= Youth bulge theory =

Youth bulge theory, also known as the youth bulge theory of conflict, is a concept used in the academic field of international relations, that considers the impact of a disproportionately high level of young people in a given population. This is demonstrated in terms of economic pressures, political and social unrest, riots, rebellions, and in some cases more organised examples of political violence, with consequent potential impacts on neighbouring countries and regional stability. The field of political demography has an overlap with this terminology, and Jack Goldstone is among those academics that have considered the concept.

==History of the term==
The term "youth bulge" was first used by the French sociologist Gaston Bouthoul in 1970, who suggested that war was deferred infanticide, the killing of surplus men, and that demographic surges could therefore create the conditions for aggression and then war. Gunnar Heinsohn in 2003 made a specific connection between civil unrest and youth bulges. From 2006 Henrik Urdal brought the term more widely into the international relations discipline though empirical analysis covering multiple potential outcomes.

==Definitions==
The age and shape definitions of the youth bulge is used in different ways by different academics, but one definition used is "large cohorts" in the age ranges 15 to 24 years, other academics use the range 15 to 30 years. Different organisations have their own definitions of the age range, and there are additionally divergences as to defined the size of the bulge. Gunnar Heinsohn, in the context of the 2007–2008 Kenyan crisis, suggested that this bulge exists if 30-40% of the population is between 15 and 29 years old, which if present is capable of driving up communal violence.

==Usage==
The use of youth bulge theory in academic literature is widespread. Its application is particularly prevalent in respect of the Global South, given demographic trends in the last century. The theory is most usually applied to the period from 1945 onwards, but has been applied to Europe's imperial ambitions in the 16th-century, as well as in revolutionary Europe in 1848.

== Empirical studies==
One writer whose work in this area has been commented by other academics is Henrik Urdal. He undertook an empirical study, A Clash of Generations? Youth Bulges and Political Violence, published in 2006. He modeled population data against 3 particular types of unrest: armed conflict, terrorism and rioting, and based on a 15-24 year age bracket. His conclusion was that all three types of violence are linked to youth bulges. Urdal followed this with further studies in 2008 and 2012, where he reached the view that youth bulges are very much associated with the onset of armed conflict: a 35% youth bulge increases the risk of armed conflict by 150%, compared to countries with a more conventional demographic profile (under 17% between 15-24 years, with a median of 15%). Each percentage point increase in this bulge adds 4% to the risk of conflict. However there was no such correlation with the risk of major wars, and that most countries with youth bulges nevertheless manage not to have conflict most of the time.

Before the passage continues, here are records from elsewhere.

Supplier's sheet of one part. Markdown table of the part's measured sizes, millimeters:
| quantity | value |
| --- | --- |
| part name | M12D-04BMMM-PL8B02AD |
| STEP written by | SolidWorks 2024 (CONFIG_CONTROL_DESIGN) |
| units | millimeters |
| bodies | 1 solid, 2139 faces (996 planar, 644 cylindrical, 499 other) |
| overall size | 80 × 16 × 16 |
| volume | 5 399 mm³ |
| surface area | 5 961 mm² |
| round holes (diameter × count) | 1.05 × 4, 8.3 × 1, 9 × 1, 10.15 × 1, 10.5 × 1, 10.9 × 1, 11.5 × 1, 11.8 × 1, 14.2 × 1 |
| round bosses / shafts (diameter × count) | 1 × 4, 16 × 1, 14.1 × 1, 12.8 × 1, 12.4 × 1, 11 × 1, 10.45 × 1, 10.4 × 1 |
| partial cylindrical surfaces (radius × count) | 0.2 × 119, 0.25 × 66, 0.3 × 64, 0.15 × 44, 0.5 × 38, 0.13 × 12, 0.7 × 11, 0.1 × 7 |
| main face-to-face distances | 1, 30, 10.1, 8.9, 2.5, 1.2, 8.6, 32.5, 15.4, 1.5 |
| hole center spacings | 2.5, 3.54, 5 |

==Youth bulge pressure points==
The components of youth bulge theory, when considering the negative factors relate to where the state cannot readily meet the expectations of a large youth group. Unmet expectations can lead to a festering sense of grievance, unrest and organised political violence. This violence is more likely if employment or incomes are insufficient, particularly during economic downturns, which in turn can lead younger populations become radicalised.

One option for governments facing these pressures, but unable to improve employment options, is to expand educational options instead, in the hope of reducing some of the pressures of radicalism but it is open to challenge as to whether this is an effective tactic, there are arguments that radical groups find it easier to recruit students. Migration to richer countries can also reduce this pressure, Heinsohn described it as a "safety valve".

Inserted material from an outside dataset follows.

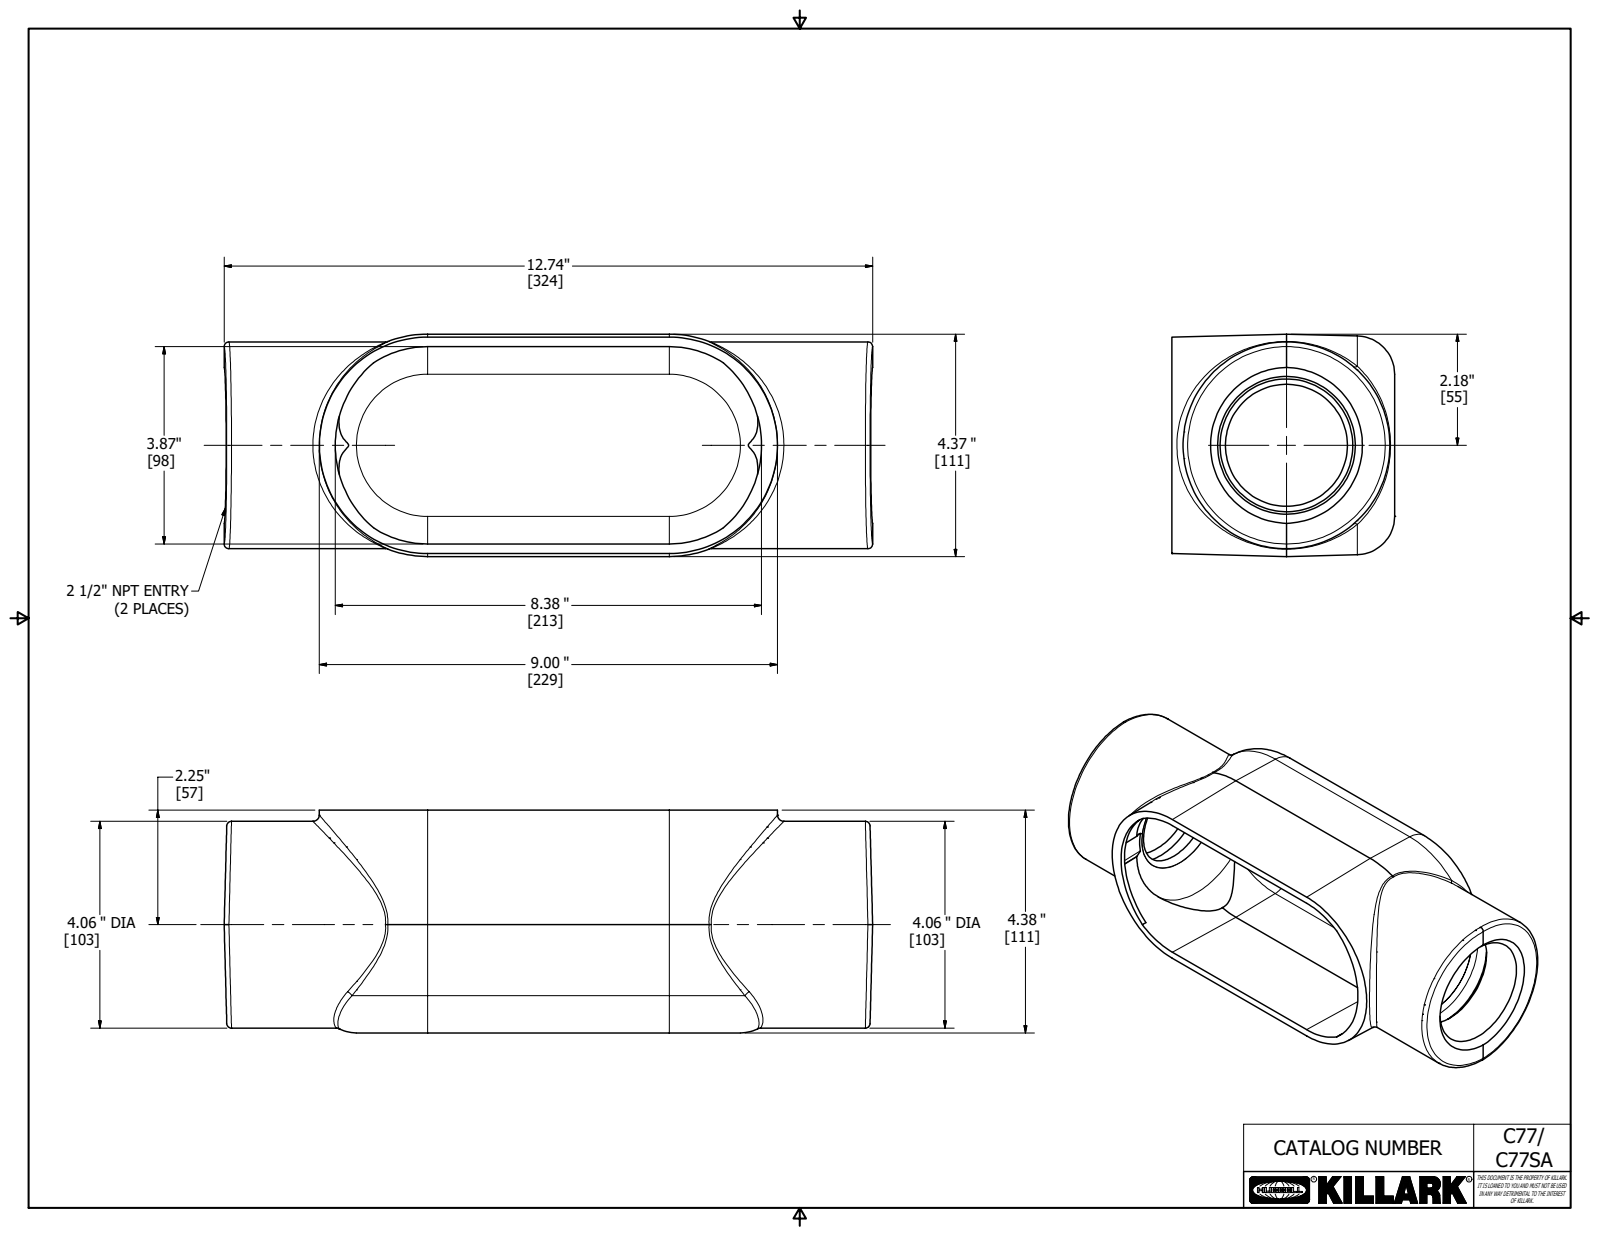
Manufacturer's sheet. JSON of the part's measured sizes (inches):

==Youth bulge theory examples==
Heinsohn consider the case of Kenya, when writing in 2008. Kenya was one of approximately 40 countries going through what he termed "demographic rearmament", present when the equivalent of 1,000 males aged 40 to 44 are succeeded by at least 2,500 boys aged 0 to 4 years old. In Kenya the figure was 4,190, which in his view would risk social upheaval.

== Criticisms ==
Youth bulge theory has been challenged by some academics. The criticisms relate to the over-use of the theory in discussions on young people in international relations, particularly among American foreign policy analysts; the risk of reductionism down to "too many young men"; and ignoring feminist viewpoints in the study of international relations. This critique suggests that the theory is based on flawed theoretical assumptions, leading to less effective policy-making outcomes. One line of argument sees a value in the application of critical gender analysis, as an alternative to dominant ideas about youth, violence and conflict.. Some academics have noted the risk of Islamophobia creeping into this analysis, given that many affected countries have significant Muslim populations.

Though much of the academic work in this field has highlighted the negative impacts of the theory, there are, at least theoretically, positive outcomes in terms of a "demographic dividend", a younger workforce available to drive up economic growth.